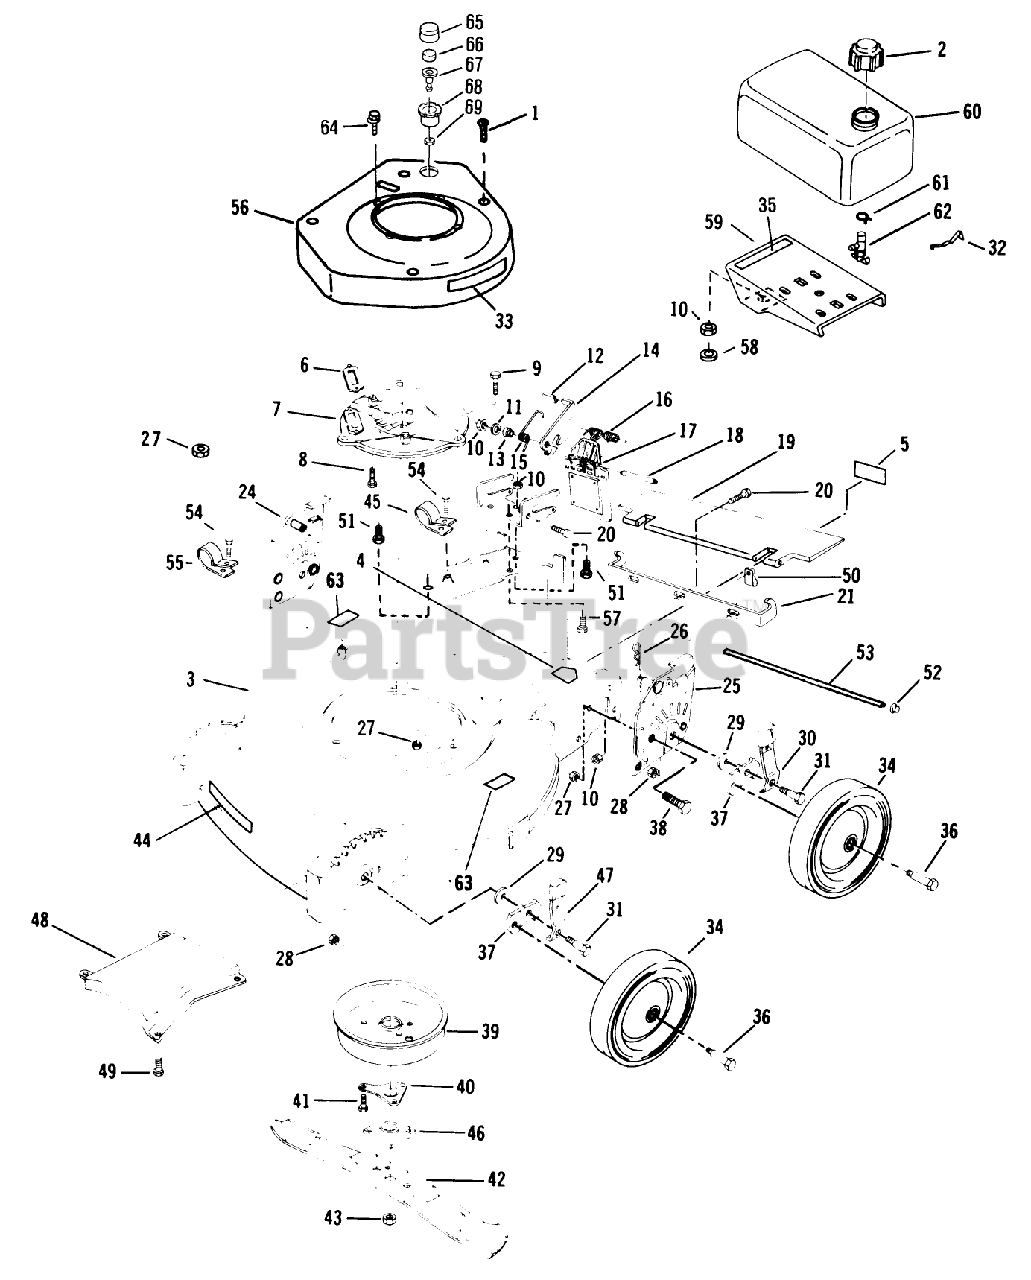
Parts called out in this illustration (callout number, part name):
1	SCREW - SELF TAPPING
2	FUEL CAP & INSERT
7	PLATE F
8	SCREW V
9	SCREW-HH
10	LOCKNUT E
15	SPRING
16	SPRING ASOC
18	ROD (RB&W)
19	T/SHIELD SM&P
26	HAIR PIN
27	NUT-LOCK F
28	LOCKNUT
29	WASHER
31	BOLT
32	SPRING
34	WHEEL & TIRE
36	BOLT-SHOULDER
39	MUFFLER COVER F
40	SUPPORT F
41	SCREW
43	NUT-BLADE
46	PLATE AND COLLAR ASM
48	BAFFLE CHUTE PL
51	SCREW HEX WASHER
54	SCREW LAWRENCE
57	SCREW
58	WASHER
61	CLAMP - HOSE S
62	VALVE&SCREEN SM
64	SCREW SEMS SM
66	FILTER S
67	BASE P'MERBULB S
68	CUP PRIMER S

------------------------------------------------------------

__TASK DIRECTIONS__.
Quote every record above exactly, leaving out any pictures.

__SOLUTION TO THE EXERCISE__.
Parts called out in this illustration (callout number, part name):
1	SCREW - SELF TAPPING
2	FUEL CAP & INSERT
7	PLATE F
8	SCREW V
9	SCREW-HH
10	LOCKNUT E
15	SPRING
16	SPRING ASOC
18	ROD (RB&W)
19	T/SHIELD SM&P
26	HAIR PIN
27	NUT-LOCK F
28	LOCKNUT
29	WASHER
31	BOLT
32	SPRING
34	WHEEL & TIRE
36	BOLT-SHOULDER
39	MUFFLER COVER F
40	SUPPORT F
41	SCREW
43	NUT-BLADE
46	PLATE AND COLLAR ASM
48	BAFFLE CHUTE PL
51	SCREW HEX WASHER
54	SCREW LAWRENCE
57	SCREW
58	WASHER
61	CLAMP - HOSE S
62	VALVE&SCREEN SM
64	SCREW SEMS SM
66	FILTER S
67	BASE P'MERBULB S
68	CUP PRIMER S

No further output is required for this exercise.